Frances Perkins Rose from Do Gooder to Real Power as Secretary of Labor


                                            Frances Perkins--Madam Secretary. 

On March 4, 1932 Franklin D. Roosevelt, the day of his first inauguration, nominated Frances Perkins as Secretary of Labor.  She was the first woman elevated to cabinet rank.  If anyone was expecting a docile figurehead, they were in for a big surprise.  Not only was she a key player in the New Deal and an indispensable backer of a wide range of labor reforms, she held down the job for twelve years through FDR’s first three terms despite efforts to unseat her.

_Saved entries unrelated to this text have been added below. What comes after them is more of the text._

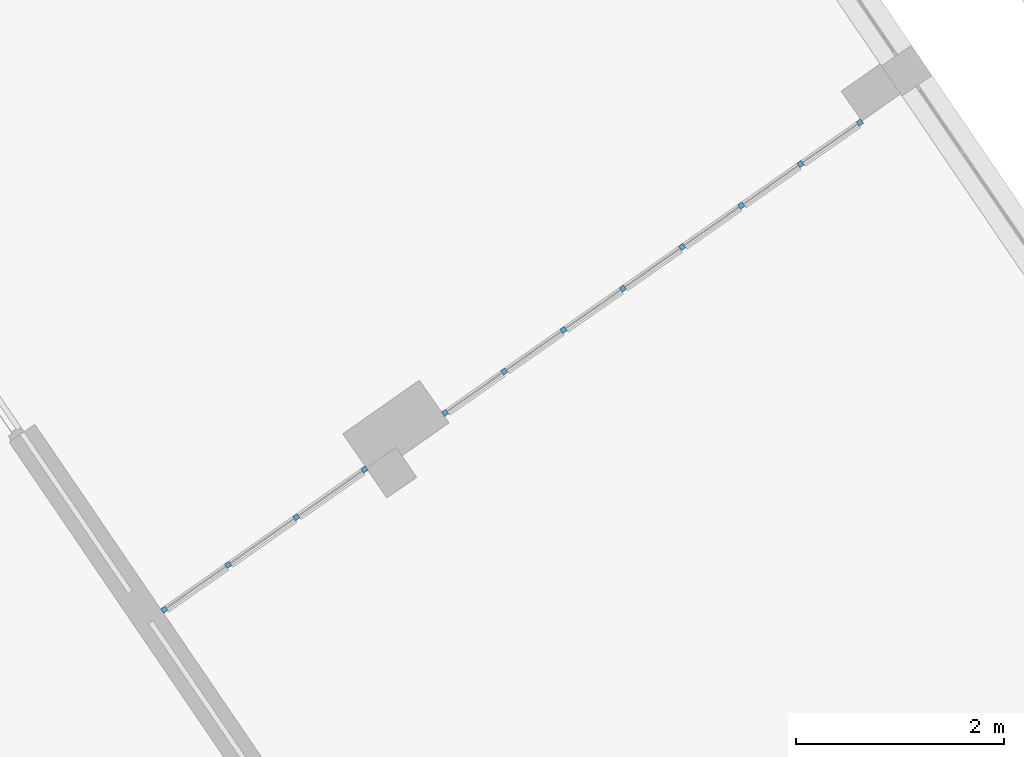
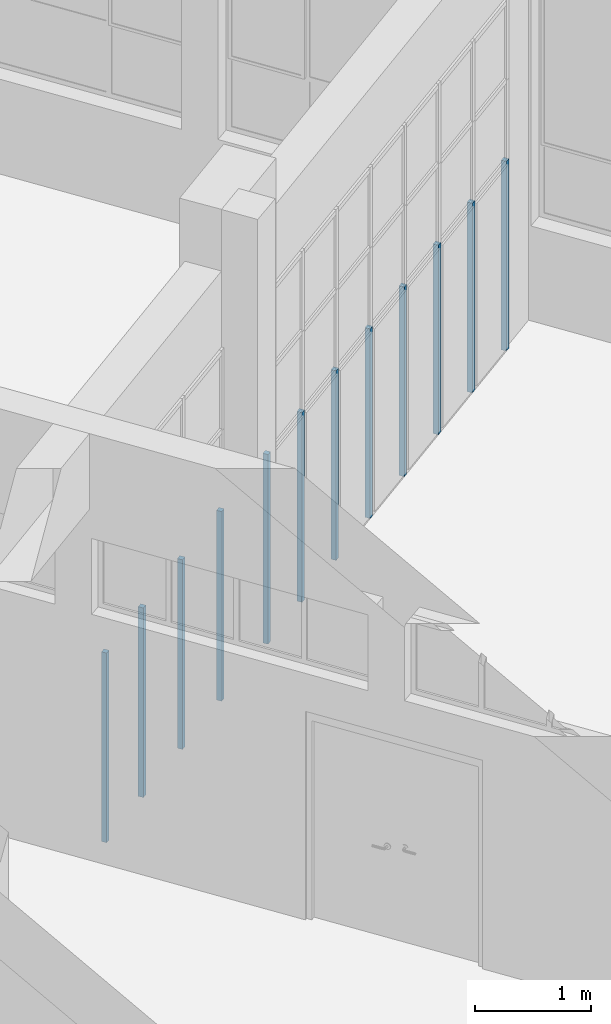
# One storey, part 25 of 157: 12 members, 2 elements without a shape of their own.
"""IFC2X3 building model written with IfcOpenShell, lengths in millimetres."""

from ifc_helpers import new_model, entity, si_unit, converted_unit, derived_unit, direction, frame, origin, origin_2d_with_axis, place, context, subcontext, project, spatial, rectangle, extrude, source, transform, mapped, material, type_object, type_shapes, element, aggregate, save


model = new_model("IFC2X3")

# Units and contexts
model_context = context("Model", 3, precision=0.01, world=origin(), true_north=direction((6.123031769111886e-17, 1.0)))
body_context = subcontext(model_context, "Body", "Model", "MODEL_VIEW")
ifc_project = project(units=[si_unit("LENGTHUNIT", "METRE", prefix="MILLI"), si_unit("AREAUNIT", "SQUARE_METRE"), si_unit("VOLUMEUNIT", "CUBIC_METRE"), converted_unit("PLANEANGLEUNIT", "DEGREE", entity("IfcRatioMeasure", 0.017453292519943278), si_unit("PLANEANGLEUNIT", "RADIAN"), dimensions=[0, 0, 0, 0, 0, 0, 0]), si_unit("MASSUNIT", "GRAM", prefix="KILO"), derived_unit("MASSDENSITYUNIT", [(si_unit("MASSUNIT", "GRAM", prefix="KILO"), 1), (si_unit("LENGTHUNIT", "METRE"), -3)]), derived_unit("MOMENTOFINERTIAUNIT", [(si_unit("LENGTHUNIT", "METRE"), 4)]), si_unit("TIMEUNIT", "SECOND"), si_unit("FREQUENCYUNIT", "HERTZ"), si_unit("THERMODYNAMICTEMPERATUREUNIT", "DEGREE_CELSIUS"), derived_unit("THERMALTRANSMITTANCEUNIT", [(si_unit("MASSUNIT", "GRAM", prefix="KILO"), 1), (si_unit("THERMODYNAMICTEMPERATUREUNIT", "KELVIN"), -1), (si_unit("TIMEUNIT", "SECOND"), -3)]), derived_unit("THERMALCONDUCTANCEUNIT", [(si_unit("MASSUNIT", "GRAM", prefix="KILO"), 1), (si_unit("LENGTHUNIT", "METRE"), 1), (si_unit("THERMODYNAMICTEMPERATUREUNIT", "KELVIN"), -1), (si_unit("TIMEUNIT", "SECOND"), -3)]), derived_unit("VOLUMETRICFLOWRATEUNIT", [(si_unit("LENGTHUNIT", "METRE"), 3), (si_unit("TIMEUNIT", "SECOND"), -1)]), derived_unit("MASSFLOWRATEUNIT", [(si_unit("MASSUNIT", "GRAM", prefix="KILO"), 1), (si_unit("TIMEUNIT", "SECOND"), -1)]), derived_unit("ROTATIONALFREQUENCYUNIT", [(si_unit("TIMEUNIT", "SECOND"), -1)]), si_unit("ELECTRICCURRENTUNIT", "AMPERE"), si_unit("ELECTRICVOLTAGEUNIT", "VOLT"), si_unit("POWERUNIT", "WATT"), converted_unit("FORCEUNIT", "KIP", entity("IfcRatioMeasure", 2.088543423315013e-05), si_unit("FORCEUNIT", "NEWTON"), dimensions=[1, 1, -2, 0, 0, 0, 0]), si_unit("ILLUMINANCEUNIT", "LUX"), si_unit("LUMINOUSFLUXUNIT", "LUMEN"), si_unit("LUMINOUSINTENSITYUNIT", "CANDELA"), derived_unit("USERDEFINED", [(si_unit("MASSUNIT", "GRAM", prefix="KILO"), -1), (si_unit("LENGTHUNIT", "METRE"), -2), (si_unit("TIMEUNIT", "SECOND"), 3), (si_unit("LUMINOUSFLUXUNIT", "LUMEN"), 1)]), derived_unit("USERDEFINED", [(si_unit("MASSUNIT", "GRAM", prefix="KILO"), 1), (si_unit("LENGTHUNIT", "METRE"), 3), (si_unit("TIMEUNIT", "SECOND"), -3), (si_unit("ELECTRICCURRENTUNIT", "AMPERE"), -2)]), derived_unit("USERDEFINED", [(si_unit("LENGTHUNIT", "METRE"), 2), (si_unit("TIMEUNIT", "SECOND"), -2)]), derived_unit("SOUNDPOWERUNIT", [(si_unit("MASSUNIT", "GRAM", prefix="KILO"), 1), (si_unit("LENGTHUNIT", "METRE"), 2), (si_unit("TIMEUNIT", "SECOND"), -3)]), derived_unit("SOUNDPRESSUREUNIT", [(si_unit("MASSUNIT", "GRAM", prefix="KILO"), 1), (si_unit("LENGTHUNIT", "METRE"), -1), (si_unit("TIMEUNIT", "SECOND"), -2)]), derived_unit("LINEARVELOCITYUNIT", [(si_unit("LENGTHUNIT", "METRE"), 1), (si_unit("TIMEUNIT", "SECOND"), -1)]), si_unit("PRESSUREUNIT", "PASCAL"), derived_unit("USERDEFINED", [(si_unit("LENGTHUNIT", "METRE"), -2), (si_unit("MASSUNIT", "GRAM", prefix="KILO"), 1), (si_unit("TIMEUNIT", "SECOND"), -2)]), derived_unit("LINEARFORCEUNIT", [(si_unit("MASSUNIT", "GRAM", prefix="KILO"), 1), (si_unit("LENGTHUNIT", "METRE"), 1), (si_unit("TIMEUNIT", "SECOND"), -2), (si_unit("LENGTHUNIT", "METRE"), -1)]), derived_unit("PLANARFORCEUNIT", [(si_unit("MASSUNIT", "GRAM", prefix="KILO"), 1), (si_unit("LENGTHUNIT", "METRE"), 1), (si_unit("TIMEUNIT", "SECOND"), -2), (si_unit("LENGTHUNIT", "METRE"), -2)]), derived_unit("SPECIFICHEATCAPACITYUNIT", [(si_unit("LENGTHUNIT", "METRE"), 2), (si_unit("TIMEUNIT", "SECOND"), -2), (si_unit("THERMODYNAMICTEMPERATUREUNIT", "KELVIN"), -1)]), derived_unit("VAPORPERMEABILITYUNIT", [(si_unit("TIMEUNIT", "SECOND"), 1), (si_unit("LENGTHUNIT", "METRE"), -1)]), derived_unit("DYNAMICVISCOSITYUNIT", [(si_unit("MASSUNIT", "GRAM", prefix="KILO"), 1), (si_unit("LENGTHUNIT", "METRE"), -1), (si_unit("TIMEUNIT", "SECOND"), -1)]), derived_unit("THERMALEXPANSIONCOEFFICIENTUNIT", [(si_unit("THERMODYNAMICTEMPERATUREUNIT", "KELVIN"), -1)])], contexts=[model_context])

# Site, building, storey
site_placement = place(None, frame((0.0, 0.0, 0.0), z_axis=(0.0, 0.0, 1.0), x_axis=(0.8191520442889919, 0.5735764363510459, 0.0)))
site = spatial("IfcSite", under=ifc_project, at=site_placement, Name="Default", CompositionType="ELEMENT")
building_placement = place(site_placement, origin())
building = spatial("IfcBuilding", under=site, at=building_placement, CompositionType="ELEMENT")
storey_placement = place(building_placement, origin())
storey = spatial("IfcBuildingStorey", under=building, at=storey_placement, Name="1.EG +0.00", CompositionType="ELEMENT", Elevation=-4.331468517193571e-12)

# Curtain wall, members
curtain_wall_type = type_object("IfcCurtainWallType", Name="Curtain Wall:Curtain_Wall_CJC_Int5", PredefinedType="NOTDEFINED")
curtain_wall_1_placement = place(storey_placement, origin())
curtain_wall_1 = element("IfcCurtainWall", 1, at=curtain_wall_1_placement, inside=storey, type_object=curtain_wall_type, Name="Curtain Wall:Curtain_Wall_CJC_Int5", ObjectType="Curtain Wall:Curtain_Wall_CJC_Int5")
ifc_material = material(Name="Aluminium")
member_type_1 = type_object("IfcMemberType", Name="Rectangular Mullion:5x5", PredefinedType="MULLION", material=ifc_material)
shared_shape_1 = source(origin(), body_context, "Body", "SweptSolid", [
    extrude(rectangle(XDim=50.000000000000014, YDim=50.0, at=origin_2d_with_axis()), frame((-25.0, 0.0, -2000.0), z_axis=(0.0, 0.0, 1.0), x_axis=(0.0, -1.0, 0.0)), (0.0, 0.0, 1.0), 2000.0000000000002),
])
type_shapes(member_type_1, [shared_shape_1])
member_1_placement = place(curtain_wall_1_placement, frame((-206013.94309779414, 79246.35891435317, 0.0), z_axis=(0.0, 0.0, -1.0), x_axis=(1.0, 0.0, 0.0)))
member_1 = element("IfcMember", 2, at=member_1_placement, type_object=member_type_1, material=ifc_material, Name="Rectangular Mullion:5x5", ObjectType="Rectangular Mullion:5x5", context=body_context, shape_type="MappedRepresentation", body=[
    mapped(shared_shape_1, transform((0.0, 0.0, 0.0), scale=1.0)),
])
member_type_2 = type_object("IfcMemberType", Name="Rectangular Mullion:5x5", PredefinedType="MULLION", material=ifc_material)
shared_shape_2 = source(origin(), body_context, "Body", "SweptSolid", [
    extrude(rectangle(XDim=50.0, YDim=50.0, at=origin_2d_with_axis()), frame((-25.0, 0.0, -2000.0), z_axis=(0.0, 0.0, 1.0), x_axis=(0.0, -1.0, 0.0)), (0.0, 0.0, 1.0), 2000.0000000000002),
])
type_shapes(member_type_2, [shared_shape_2])
member_2_placement = place(curtain_wall_1_placement, frame((-210936.61448951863, 79246.35891435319, 2000.0), z_axis=(0.0, 0.0, 1.0), x_axis=(-1.0, 0.0, 0.0)))
member_2 = element("IfcMember", 3, at=member_2_placement, type_object=member_type_2, material=ifc_material, Name="Rectangular Mullion:5x5", ObjectType="Rectangular Mullion:5x5", context=body_context, shape_type="MappedRepresentation", body=[
    mapped(shared_shape_2, transform((0.0, 0.0, 0.0), scale=1.0)),
])
member_type_3 = type_object("IfcMemberType", Name="Rectangular Mullion:5x5", PredefinedType="MULLION", material=ifc_material)
shared_shape_3 = source(origin(), body_context, "Body", "SweptSolid", [
    extrude(rectangle(XDim=50.0, YDim=50.0, at=origin_2d_with_axis()), frame((0.0, 0.0, -2000.0), z_axis=(0.0, 0.0, 1.0), x_axis=(0.0, -1.0, 0.0)), (0.0, 0.0, 1.0), 2000.0000000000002),
])
type_shapes(member_type_3, [shared_shape_3])
member_3_placement = place(curtain_wall_1_placement, frame((-208823.3267501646, 79246.35891435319, 0.0), z_axis=(0.0, 0.0, -1.0), x_axis=(1.0, 0.0, 0.0)))
member_3 = element("IfcMember", 4, at=member_3_placement, type_object=member_type_3, material=ifc_material, Name="Rectangular Mullion:5x5", ObjectType="Rectangular Mullion:5x5", context=body_context, shape_type="MappedRepresentation", body=[
    mapped(shared_shape_3, transform((0.0, 0.0, 0.0), scale=1.0)),
])
member_4_placement = place(curtain_wall_1_placement, frame((-208127.23083714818, 79246.35891435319, 0.0), z_axis=(0.0, 0.0, -1.0), x_axis=(1.0, 0.0, 0.0)))
member_4 = element("IfcMember", 5, at=member_4_placement, type_object=member_type_3, material=ifc_material, Name="Rectangular Mullion:5x5", ObjectType="Rectangular Mullion:5x5", context=body_context, shape_type="MappedRepresentation", body=[
    mapped(shared_shape_3, transform((0.0, 0.0, 0.0), scale=1.0)),
])
member_5_placement = place(curtain_wall_1_placement, frame((-207431.13492413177, 79246.35891435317, 0.0), z_axis=(0.0, 0.0, -1.0), x_axis=(1.0, 0.0, 0.0)))
member_5 = element("IfcMember", 6, at=member_5_placement, type_object=member_type_3, material=ifc_material, Name="Rectangular Mullion:5x5", ObjectType="Rectangular Mullion:5x5", context=body_context, shape_type="MappedRepresentation", body=[
    mapped(shared_shape_3, transform((0.0, 0.0, 0.0), scale=1.0)),
])
member_6_placement = place(curtain_wall_1_placement, frame((-206735.03901111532, 79246.35891435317, 0.0), z_axis=(0.0, 0.0, -1.0), x_axis=(1.0, 0.0, 0.0)))
member_6 = element("IfcMember", 7, at=member_6_placement, type_object=member_type_3, material=ifc_material, Name="Rectangular Mullion:5x5", ObjectType="Rectangular Mullion:5x5", context=body_context, shape_type="MappedRepresentation", body=[
    mapped(shared_shape_3, transform((0.0, 0.0, 0.0), scale=1.0)),
])
member_7_placement = place(curtain_wall_1_placement, frame((-209519.422663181, 79246.35891435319, 0.0), z_axis=(0.0, 0.0, -1.0), x_axis=(1.0, 0.0, 0.0)))
member_7 = element("IfcMember", 8, at=member_7_placement, type_object=member_type_3, material=ifc_material, Name="Rectangular Mullion:5x5", ObjectType="Rectangular Mullion:5x5", context=body_context, shape_type="MappedRepresentation", body=[
    mapped(shared_shape_3, transform((0.0, 0.0, 0.0), scale=1.0)),
])
member_8_placement = place(curtain_wall_1_placement, frame((-210215.5185761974, 79246.35891435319, 0.0), z_axis=(0.0, 0.0, -1.0), x_axis=(1.0, 0.0, 0.0)))
member_8 = element("IfcMember", 9, at=member_8_placement, type_object=member_type_3, material=ifc_material, Name="Rectangular Mullion:5x5", ObjectType="Rectangular Mullion:5x5", context=body_context, shape_type="MappedRepresentation", body=[
    mapped(shared_shape_3, transform((0.0, 0.0, 0.0), scale=1.0)),
])
aggregate(curtain_wall_1, [member_1, member_2, member_3, member_4, member_5, member_6, member_7, member_8])

curtain_wall_2_placement = place(storey_placement, origin())
curtain_wall_2 = element("IfcCurtainWall", 10, at=curtain_wall_2_placement, inside=storey, type_object=curtain_wall_type, Name="Curtain Wall:Curtain_Wall_CJC_Int5", ObjectType="Curtain Wall:Curtain_Wall_CJC_Int5")
member_type_4 = type_object("IfcMemberType", Name="Rectangular Mullion:5x5", PredefinedType="MULLION", material=ifc_material)
shared_shape_4 = source(origin(), body_context, "Body", "SweptSolid", [
    extrude(rectangle(XDim=50.0, YDim=50.0, at=origin_2d_with_axis()), frame((-25.0, 0.0, -2000.0), z_axis=(0.0, 0.0, 1.0), x_axis=(0.0, -1.0, 0.0)), (0.0, 0.0, 1.0), 2000.0000000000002),
])
type_shapes(member_type_4, [shared_shape_4])
member_9_placement = place(curtain_wall_2_placement, frame((-214236.56981545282, 79245.87276745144, 0.0), z_axis=(0.0, 0.0, -1.0), x_axis=(-1.0, 0.0, 0.0)))
member_9 = element("IfcMember", 11, at=member_9_placement, type_object=member_type_4, material=ifc_material, Name="Rectangular Mullion:5x5", ObjectType="Rectangular Mullion:5x5", context=body_context, shape_type="MappedRepresentation", body=[
    mapped(shared_shape_4, transform((0.0, 0.0, 0.0), scale=1.0)),
])
member_type_5 = type_object("IfcMemberType", Name="Rectangular Mullion:5x5", PredefinedType="MULLION", material=ifc_material)
shared_shape_5 = source(origin(), body_context, "Body", "SweptSolid", [
    extrude(rectangle(XDim=50.0, YDim=50.0, at=origin_2d_with_axis()), frame((-25.0, 0.0, -2000.0), z_axis=(0.0, 0.0, 1.0), x_axis=(0.0, -1.0, 0.0)), (0.0, 0.0, 1.0), 2000.0000000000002),
])
type_shapes(member_type_5, [shared_shape_5])
member_10_placement = place(curtain_wall_2_placement, frame((-211834.42928408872, 79245.87276745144, 2000.0)))
member_10 = element("IfcMember", 12, at=member_10_placement, type_object=member_type_5, material=ifc_material, Name="Rectangular Mullion:5x5", ObjectType="Rectangular Mullion:5x5", context=body_context, shape_type="MappedRepresentation", body=[
    mapped(shared_shape_5, transform((0.0, 0.0, 0.0), scale=1.0)),
])
member_type_6 = type_object("IfcMemberType", Name="Rectangular Mullion:5x5", PredefinedType="MULLION", material=ifc_material)
shared_shape_6 = source(origin(), body_context, "Body", "SweptSolid", [
    extrude(rectangle(XDim=50.0, YDim=50.0, at=origin_2d_with_axis()), frame((0.0, 0.0, -2000.0), z_axis=(0.0, 0.0, 1.0), x_axis=(0.0, -1.0, 0.0)), (0.0, 0.0, 1.0), 2000.0000000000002),
])
type_shapes(member_type_6, [shared_shape_6])
member_11_placement = place(curtain_wall_2_placement, frame((-212660.14279464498, 79245.87276745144, 0.0), z_axis=(0.0, 0.0, -1.0), x_axis=(-1.0, 0.0, 0.0)))
member_11 = element("IfcMember", 13, at=member_11_placement, type_object=member_type_6, material=ifc_material, Name="Rectangular Mullion:5x5", ObjectType="Rectangular Mullion:5x5", context=body_context, shape_type="MappedRepresentation", body=[
    mapped(shared_shape_6, transform((0.0, 0.0, 0.0), scale=1.0)),
])
member_12_placement = place(curtain_wall_2_placement, frame((-213460.85630489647, 79245.87276745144, 0.0), z_axis=(0.0, 0.0, -1.0), x_axis=(-1.0, 0.0, 0.0)))
member_12 = element("IfcMember", 14, at=member_12_placement, type_object=member_type_6, material=ifc_material, Name="Rectangular Mullion:5x5", ObjectType="Rectangular Mullion:5x5", context=body_context, shape_type="MappedRepresentation", body=[
    mapped(shared_shape_6, transform((0.0, 0.0, 0.0), scale=1.0)),
])
aggregate(curtain_wall_2, [member_9, member_10, member_11, member_12])

save(model, "model.ifc")

Born into a respectable Republican and Congregationalist New England family in 1880, she was radicalized by exposure to the yawning class divide while attending Mt. Holyoke College where she read Jacob Riiss expose of slum conditions and attended lectures by leading reformers and labor advocates, especially Florence Kelley of the National Consumers League.  Graduating in 1902 she tried her hand at teaching science in urban schools while volunteering at settlement houses. 


                                             Perkins as a student at Mt. Holyoke.

But by 1909 she was ready to give up teaching for a career in social services and advocacy.  She moved to New York City to pursue a master’s degree in economics and sociology from Columbia University then joined her mentor Florence Kelley by serving as Secretary for the New York State Consumers League where she successfully led lobbing efforts to get the Legislature to limit the work week for women and children to 54 hours.  She also took up active support of the Suffrage movement.

In 1911 she personally witnessed women leaping to their deaths from the upper floors of the building at the Triangle Shirtwaist Fire, an event that would steel her determination to guarantee safe working conditions.  Where she had previously relied on legislation alone, she increasingly saw the need for workers to organize in their own defense and supported the work of Ladies Garment Workers leader Rose Schneiderman and others.  She even joined the Socialist Party, where she advocated gradual reform rather than revolutionary action. 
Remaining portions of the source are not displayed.